The only thing that is certain is that Verizon (VZ: Research, Estimates) is in the driver's seat in the wireless industry. With a reputation as having the best phone service, it threw down the gauntlet last month when it announced that it would spend $1 billion to upgrade its high-speed wireless data network.

"If we fast forward two years, the biggest challenge for carriers in the industry is upgrading the technology in their networks," Johnstone said.

To that end, a merger of AT&T Wireless and Cingular would enable BellSouth (BLS: Research, Estimates) and SBC (SBC: Research, Estimates) to lower costs, helping to pay for network upgrades.

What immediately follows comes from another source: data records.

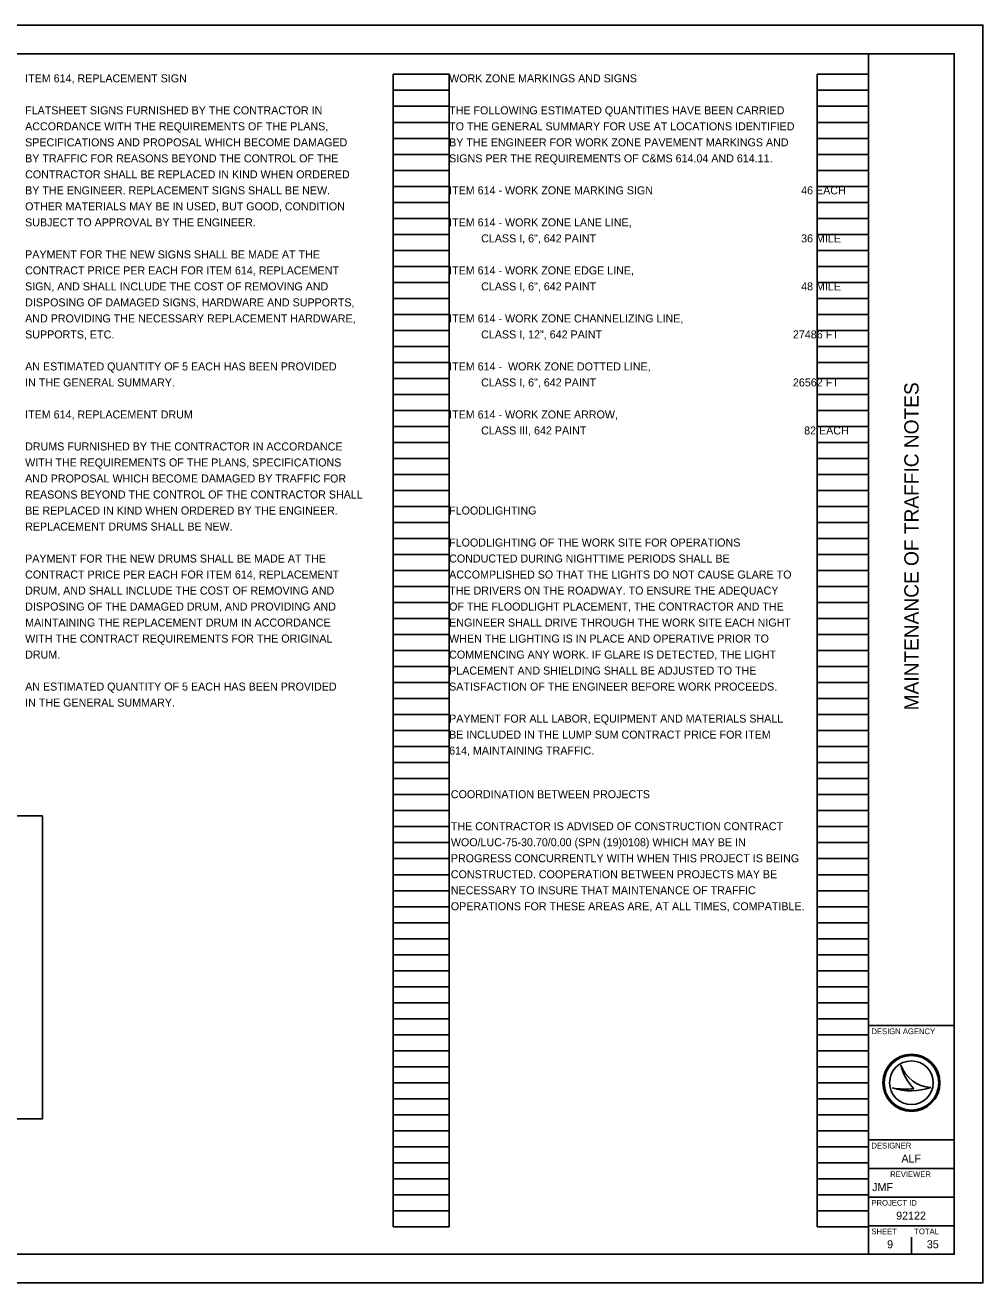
# Model space of a CAD drawing. Extents: x 0 to 34, y 0 to 22.
# Drawn here: x 17.24 to 34, y 0 to 22 of the extents above; entities that cross this region are included whole.
import ezdxf

# ---------------------------------------------------------------- set-up
doc = ezdxf.new("R2010")
doc.units = 0
for name, color, linetype in [('Default', 7, 'Continuous'), ('SH_Border', 7, 'Continuous'), ('SH_Cut_Line', 7, 'Continuous'), ('SH_Data', 7, 'Continuous'), ('SH_Text', 7, 'Continuous')]:
    doc.layers.add(name, color=color, linetype=linetype)

msp = doc.modelspace()

# ---------------------------------------------------------------- linework, layer by layer
at = {"layer": 'Default'}
msp.add_lwpolyline([(9.49, 2.867), (17.542, 2.867), (17.542, 8.168), (9.49, 8.168)], close=True, dxfattribs=at)
at = {"layer": 'SH_Border'}
for p, q in [((32, 0.5), (32, 21.5)), ((32, 4.5), (33.5, 4.5)), ((32, 2.5), (33.5, 2.5)), ((32, 2), (33.5, 2)), ((32, 1.5), (33.5, 1.5)), ((32, 1), (33.5, 1))]:
    msp.add_line(p, q, dxfattribs=at)
msp.add_lwpolyline([(1.5, 21.5), (33.5, 21.5), (33.5, 0.5), (1.5, 0.5)], close=True, dxfattribs=at)
at = {"layer": 'SH_Cut_Line'}
msp.add_lwpolyline([(0, 0), (34, 0), (34, 22), (0, 22)], close=True, dxfattribs=at)
at = {"layer": 'SH_Data'}
for p, q in [((23.68, 0.98), (23.68, 21.14)), ((23.68, 21.14), (24.66, 21.14)), ((24.66, 0.98), (24.66, 21.14)), ((31.1, 0.98), (31.1, 21.14)), ((31.1, 21.14), (32, 21.14)), ((32, 0.98), (32, 21.14)), ((23.68, 20.86), (24.66, 20.86)), ((31.1, 20.86), (32, 20.86)), ((23.68, 20.58), (24.66, 20.58)), ((31.1, 20.58), (32, 20.58)), ((23.68, 20.3), (24.66, 20.3)), ((31.1, 20.3), (32, 20.3)), ((23.68, 20.02), (24.66, 20.02)), ((31.1, 20.02), (32, 20.02)), ((23.68, 19.74), (24.66, 19.74)), ((31.1, 19.74), (32, 19.74)), ((23.68, 19.46), (24.66, 19.46)), ((31.1, 19.46), (32, 19.46)), ((23.68, 19.18), (24.66, 19.18)), ((31.1, 19.18), (32, 19.18)), ((23.68, 18.9), (24.66, 18.9)), ((31.1, 18.9), (32, 18.9)), ((23.68, 18.62), (24.66, 18.62)), ((31.1, 18.62), (32, 18.62)), ((23.68, 18.34), (24.66, 18.34)), ((31.1, 18.34), (32, 18.34)), ((23.68, 18.06), (24.66, 18.06)), ((31.1, 18.06), (32, 18.06)), ((23.68, 17.78), (24.66, 17.78)), ((31.1, 17.78), (32, 17.78)), ((23.68, 17.5), (24.66, 17.5)), ((31.1, 17.5), (32, 17.5)), ((23.68, 17.22), (24.66, 17.22)), ((31.1, 17.22), (32, 17.22)), ((23.68, 16.94), (24.66, 16.94)), ((31.1, 16.94), (32, 16.94)), ((23.68, 16.66), (24.66, 16.66)), ((31.1, 16.66), (32, 16.66)), ((23.68, 16.38), (24.66, 16.38)), ((31.1, 16.38), (32, 16.38)), ((23.68, 16.1), (24.66, 16.1)), ((31.1, 16.1), (32, 16.1)), ((23.68, 15.82), (24.66, 15.82)), ((31.1, 15.82), (32, 15.82)), ((23.68, 15.54), (24.66, 15.54)), ((31.1, 15.54), (32, 15.54)), ((23.68, 15.26), (24.66, 15.26)), ((31.1, 15.26), (32, 15.26)), ((23.68, 14.98), (24.66, 14.98)), ((31.1, 14.98), (32, 14.98)), ((23.68, 14.7), (24.66, 14.7)), ((31.1, 14.7), (32, 14.7)), ((23.68, 14.42), (24.66, 14.42)), ((31.1, 14.42), (32, 14.42)), ((23.68, 14.14), (24.66, 14.14)), ((31.1, 14.14), (32, 14.14)), ((23.68, 13.86), (24.66, 13.86)), ((31.1, 13.86), (32, 13.86)), ((23.68, 13.58), (24.66, 13.58)), ((31.1, 13.58), (32, 13.58)), ((23.68, 13.3), (24.66, 13.3)), ((31.1, 13.3), (32, 13.3)), ((23.68, 13.02), (24.66, 13.02)), ((31.1, 13.02), (32, 13.02)), ((23.68, 12.74), (24.66, 12.74)), ((31.1, 12.74), (32, 12.74)), ((23.68, 12.46), (24.66, 12.46)), ((31.1, 12.46), (32, 12.46)), ((23.68, 12.18), (24.66, 12.18)), ((31.1, 12.18), (32, 12.18)), ((23.68, 11.9), (24.66, 11.9)), ((31.1, 11.9), (32, 11.9)), ((23.68, 11.62), (24.66, 11.62)), ((31.1, 11.62), (32, 11.62)), ((23.68, 11.34), (24.66, 11.34)), ((31.1, 11.34), (32, 11.34)), ((23.68, 11.06), (24.66, 11.06)), ((31.1, 11.06), (32, 11.06)), ((23.68, 10.78), (24.66, 10.78)), ((31.1, 10.78), (32, 10.78)), ((23.68, 10.5), (24.66, 10.5)), ((31.1, 10.5), (32, 10.5)), ((23.68, 10.22), (24.66, 10.22)), ((31.1, 10.22), (32, 10.22)), ((23.68, 9.94), (24.66, 9.94)), ((31.1, 9.94), (32, 9.94)), ((23.68, 9.66), (24.66, 9.66)), ((31.1, 9.66), (32, 9.66)), ((23.68, 9.38), (24.66, 9.38)), ((31.1, 9.38), (32, 9.38)), ((23.68, 9.1), (24.66, 9.1)), ((31.1, 9.1), (32, 9.1)), ((23.68, 8.82), (24.66, 8.82)), ((31.1, 8.82), (32, 8.82)), ((23.68, 8.54), (24.66, 8.54)), ((31.1, 8.54), (32, 8.54)), ((23.68, 8.26), (24.66, 8.26)), ((31.1, 8.26), (32, 8.26)), ((23.68, 7.98), (24.66, 7.98)), ((31.1, 7.98), (32, 7.98)), ((23.68, 7.7), (24.66, 7.7)), ((31.1, 7.7), (32, 7.7)), ((23.68, 7.42), (24.66, 7.42)), ((31.1, 7.42), (32, 7.42)), ((23.68, 7.14), (24.66, 7.14)), ((31.1, 7.14), (32, 7.14)), ((23.68, 6.86), (24.66, 6.86)), ((31.1, 6.86), (32, 6.86)), ((23.68, 6.58), (24.66, 6.58)), ((31.1, 6.58), (32, 6.58)), ((23.68, 6.3), (24.66, 6.3)), ((31.1, 6.3), (32, 6.3)), ((23.68, 6.02), (24.66, 6.02)), ((31.1, 6.02), (32, 6.02)), ((23.68, 5.74), (24.66, 5.74)), ((31.1, 5.74), (32, 5.74)), ((23.68, 5.46), (24.66, 5.46)), ((31.1, 5.46), (32, 5.46)), ((23.68, 5.18), (24.66, 5.18)), ((31.1, 5.18), (32, 5.18)), ((23.68, 4.9), (24.66, 4.9)), ((31.1, 4.9), (32, 4.9)), ((23.68, 4.62), (24.66, 4.62)), ((31.1, 4.62), (32, 4.62)), ((23.68, 4.34), (24.66, 4.34)), ((31.1, 4.34), (32, 4.34)), ((23.68, 4.06), (24.66, 4.06)), ((31.1, 4.06), (32, 4.06)), ((23.68, 3.78), (24.66, 3.78)), ((31.1, 3.78), (32, 3.78)), ((32.567, 3.81), (32.567, 3.81)), ((23.68, 3.5), (24.66, 3.5)), ((31.1, 3.5), (32, 3.5)), ((32.417, 3.41), (32.417, 3.41)), ((32.75, 3.5), (32.75, 3.5)), ((33.087, 3.419), (33.087, 3.419)), ((23.68, 3.22), (24.66, 3.22)), ((31.1, 3.22), (32, 3.22)), ((23.68, 2.94), (24.66, 2.94)), ((31.1, 2.94), (32, 2.94)), ((23.68, 2.66), (24.66, 2.66)), ((31.1, 2.66), (32, 2.66)), ((23.68, 2.38), (24.66, 2.38)), ((31.1, 2.38), (32, 2.38)), ((23.68, 2.1), (24.66, 2.1)), ((31.1, 2.1), (32, 2.1)), ((23.68, 1.82), (24.66, 1.82)), ((31.1, 1.82), (32, 1.82)), ((23.68, 1.54), (24.66, 1.54)), ((31.1, 1.54), (32, 1.54)), ((23.68, 1.26), (24.66, 1.26)), ((31.1, 1.26), (32, 1.26)), ((23.68, 0.98), (24.66, 0.98)), ((31.1, 0.98), (32, 0.98)), ((32.375, 0.675), (32.375, 0.675)), ((32.75, 0.5), (32.75, 0.8))]:
    msp.add_line(p, q, dxfattribs=at)
for radius in [0.5, 0.477, 0.477, 0.382]:
    msp.add_circle((32.75, 3.5), radius, dxfattribs=at)
for centre, radius, start, end in [((33.116, 3.998), 0.58, 198.9257, 198.9319), ((33.347, 3.97), 0.796, 191.6379, 191.6421), ((33.116, 3.998), 0.58, 198.9319, 267.1657), ((33.347, 3.97), 0.796, 191.6421, 226.0947), ((32.739, 4.37), 1.013, 251.4576, 290.0832), ((32.648, 4.654), 1.266, 259.4964, 259.4995), ((32.739, 4.37), 1.013, 251.4527, 251.4576), ((32.648, 4.654), 1.266, 259.4995, 276.6672)]:
    msp.add_arc(centre, radius, start, end, dxfattribs=at)

# ---------------------------------------------------------------- texts
msp.add_text('MAINTENANCE OF TRAFFIC NOTES', height=0.25, rotation=90, dxfattribs=at).set_placement((32.875, 10.014))
for s, height, p in [('DESIGN AGENCY', 0.1, (32.05, 4.35)), ('DESIGNER', 0.1, (32.05, 2.35)), ('ALF', 0.14, (32.575, 2.105)), ('REVIEWER', 0.1, (32.378, 1.85)), ('JMF', 0.14, (32.064, 1.605)), ('PROJECT ID', 0.1, (32.05, 1.35)), ('92122', 0.14, (32.483, 1.105)), ('SHEET', 0.1, (32.05, 0.85)), ('TOTAL', 0.1, (32.8, 0.85)), ('9', 0.14, (32.325, 0.605)), ('35', 0.14, (33.02, 0.605))]:
    msp.add_text(s, height=height, dxfattribs=at).set_placement(p)
at = {"layer": 'SH_Text'}
for s, p in [('ITEM 614, REPLACEMENT SIGN', (17.24, 21)), ('WORK ZONE MARKINGS AND SIGNS', (24.66, 21)), ('FLATSHEET SIGNS FURNISHED BY THE CONTRACTOR IN', (17.24, 20.44)), ('THE FOLLOWING ESTIMATED QUANTITIES HAVE BEEN CARRIED', (24.66, 20.44)), ('ACCORDANCE WITH THE REQUIREMENTS OF THE PLANS,', (17.24, 20.16)), ('TO THE GENERAL SUMMARY FOR USE AT LOCATIONS IDENTIFIED', (24.66, 20.16)), ('SPECIFICATIONS AND PROPOSAL WHICH BECOME DAMAGED', (17.24, 19.88)), ('BY THE ENGINEER FOR WORK ZONE PAVEMENT MARKINGS AND', (24.66, 19.88)), ('BY TRAFFIC FOR REASONS BEYOND THE CONTROL OF THE', (17.24, 19.6)), ('SIGNS PER THE REQUIREMENTS OF C&MS 614.04 AND 614.11.', (24.66, 19.6)), ('CONTRACTOR SHALL BE REPLACED IN KIND WHEN ORDERED', (17.24, 19.32)), ('BY THE ENGINEER. REPLACEMENT SIGNS SHALL BE NEW.', (17.24, 19.04)), ('ITEM 614 - WORK ZONE MARKING SIGN', (24.66, 19.04)), ('46 EACH', (30.82, 19.04)), ('OTHER MATERIALS MAY BE IN USED, BUT GOOD, CONDITION', (17.24, 18.76)), ('SUBJECT TO APPROVAL BY THE ENGINEER.', (17.24, 18.48)), ('ITEM 614 - WORK ZONE LANE LINE,', (24.66, 18.48)), ('CLASS I, 6", 642 PAINT', (25.22, 18.2)), ('36 MILE', (30.82, 18.2)), ('PAYMENT FOR THE NEW SIGNS SHALL BE MADE AT THE', (17.24, 17.92)), ('CONTRACT PRICE PER EACH FOR ITEM 614, REPLACEMENT', (17.24, 17.64)), ('ITEM 614 - WORK ZONE EDGE LINE,', (24.66, 17.64)), ('SIGN, AND SHALL INCLUDE THE COST OF REMOVING AND', (17.24, 17.36)), ('CLASS I, 6", 642 PAINT', (25.22, 17.36)), ('48 MILE', (30.82, 17.36)), ('DISPOSING OF DAMAGED SIGNS, HARDWARE AND SUPPORTS,', (17.24, 17.08)), ('AND PROVIDING THE NECESSARY REPLACEMENT HARDWARE,', (17.24, 16.8)), ('ITEM 614 - WORK ZONE CHANNELIZING LINE,', (24.66, 16.8)), ('SUPPORTS, ETC.', (17.24, 16.52)), ('CLASS I, 12", 642 PAINT', (25.22, 16.52)), ('        27486 FT', (30.26, 16.52)), ('AN ESTIMATED QUANTITY OF 5 EACH HAS BEEN PROVIDED', (17.24, 15.96)), ('ITEM 614 -  WORK ZONE DOTTED LINE,', (24.66, 15.96)), ('IN THE GENERAL SUMMARY.', (17.24, 15.68)), ('CLASS I, 6", 642 PAINT', (25.22, 15.68)), ('        26562 FT', (30.26, 15.68)), ('ITEM 614, REPLACEMENT DRUM', (17.24, 15.12)), ('ITEM 614 - WORK ZONE ARROW,', (24.66, 15.12)), ('CLASS III, 642 PAINT', (25.22, 14.84)), (' 82 EACH', (30.82, 14.84)), ('DRUMS FURNISHED BY THE CONTRACTOR IN ACCORDANCE', (17.24, 14.56)), ('WITH THE REQUIREMENTS OF THE PLANS, SPECIFICATIONS', (17.24, 14.28)), ('AND PROPOSAL WHICH BECOME DAMAGED BY TRAFFIC FOR', (17.24, 14)), ('REASONS BEYOND THE CONTROL OF THE CONTRACTOR SHALL', (17.24, 13.72)), ('BE REPLACED IN KIND WHEN ORDERED BY THE ENGINEER.', (17.24, 13.44)), ('FLOODLIGHTING', (24.66, 13.44)), ('REPLACEMENT DRUMS SHALL BE NEW.', (17.24, 13.16)), ('FLOODLIGHTING OF THE WORK SITE FOR OPERATIONS', (24.66, 12.88)), ('PAYMENT FOR THE NEW DRUMS SHALL BE MADE AT THE', (17.24, 12.6)), ('CONDUCTED DURING NIGHTTIME PERIODS SHALL BE', (24.66, 12.6)), ('CONTRACT PRICE PER EACH FOR ITEM 614, REPLACEMENT', (17.24, 12.32)), ('ACCOMPLISHED SO THAT THE LIGHTS DO NOT CAUSE GLARE TO', (24.66, 12.32)), ('DRUM, AND SHALL INCLUDE THE COST OF REMOVING AND', (17.24, 12.04)), ('THE DRIVERS ON THE ROADWAY. TO ENSURE THE ADEQUACY', (24.66, 12.04)), ('DISPOSING OF THE DAMAGED DRUM, AND PROVIDING AND', (17.24, 11.76)), ('OF THE FLOODLIGHT PLACEMENT, THE CONTRACTOR AND THE', (24.66, 11.76)), ('MAINTAINING THE REPLACEMENT DRUM IN ACCORDANCE', (17.24, 11.48)), ('ENGINEER SHALL DRIVE THROUGH THE WORK SITE EACH NIGHT', (24.66, 11.48)), ('WITH THE CONTRACT REQUIREMENTS FOR THE ORIGINAL', (17.24, 11.2)), ('WHEN THE LIGHTING IS IN PLACE AND OPERATIVE PRIOR TO', (24.66, 11.2)), ('DRUM.', (17.24, 10.92)), ('COMMENCING ANY WORK. IF GLARE IS DETECTED, THE LIGHT', (24.66, 10.92)), ('PLACEMENT AND SHIELDING SHALL BE ADJUSTED TO THE', (24.66, 10.64)), ('AN ESTIMATED QUANTITY OF 5 EACH HAS BEEN PROVIDED', (17.24, 10.36)), ('SATISFACTION OF THE ENGINEER BEFORE WORK PROCEEDS.', (24.66, 10.36)), ('IN THE GENERAL SUMMARY.', (17.24, 10.08)), ('PAYMENT FOR ALL LABOR, EQUIPMENT AND MATERIALS SHALL', (24.66, 9.8)), ('BE INCLUDED IN THE LUMP SUM CONTRACT PRICE FOR ITEM', (24.66, 9.52)), ('614, MAINTAINING TRAFFIC.', (24.66, 9.24)), ('COORDINATION BETWEEN PROJECTS', (24.69, 8.477)), ('THE CONTRACTOR IS ADVISED OF CONSTRUCTION CONTRACT', (24.69, 7.917)), ('WOO/LUC-75-30.70/0.00 (SPN (19)0108) WHICH MAY BE IN', (24.69, 7.637)), ('PROGRESS CONCURRENTLY WITH WHEN THIS PROJECT IS BEING', (24.69, 7.357)), ('CONSTRUCTED. COOPERATION BETWEEN PROJECTS MAY BE', (24.69, 7.077)), ('NECESSARY TO INSURE THAT MAINTENANCE OF TRAFFIC', (24.69, 6.797)), ('OPERATIONS FOR THESE AREAS ARE, AT ALL TIMES, COMPATIBLE.', (24.69, 6.517))]:
    msp.add_text(s, height=0.14, dxfattribs=at).set_placement(p)

doc.saveas('drawing.dxf')

However, Johnstone said the combined company would also need to generate enough cash to fund expansion. That's not a given. In particular, AT&T Wireless has had some high-profile problems since November, when the rule allowing customers to switch carriers and keep their phone numbers kicked in.

"Do two wrongs make a right?" said Johnstone.

Investors may soon find out.

Roe owns shares of SBC but his firm has no investment banking ties to companies mentioned in this piece. Guzman's Comack has no position in stocks mentioned but his firm has investment banking relationships with all of them. Davenport's Johnstone does not own shares of the companies mentioned and his firm has no investment banking relationships with them.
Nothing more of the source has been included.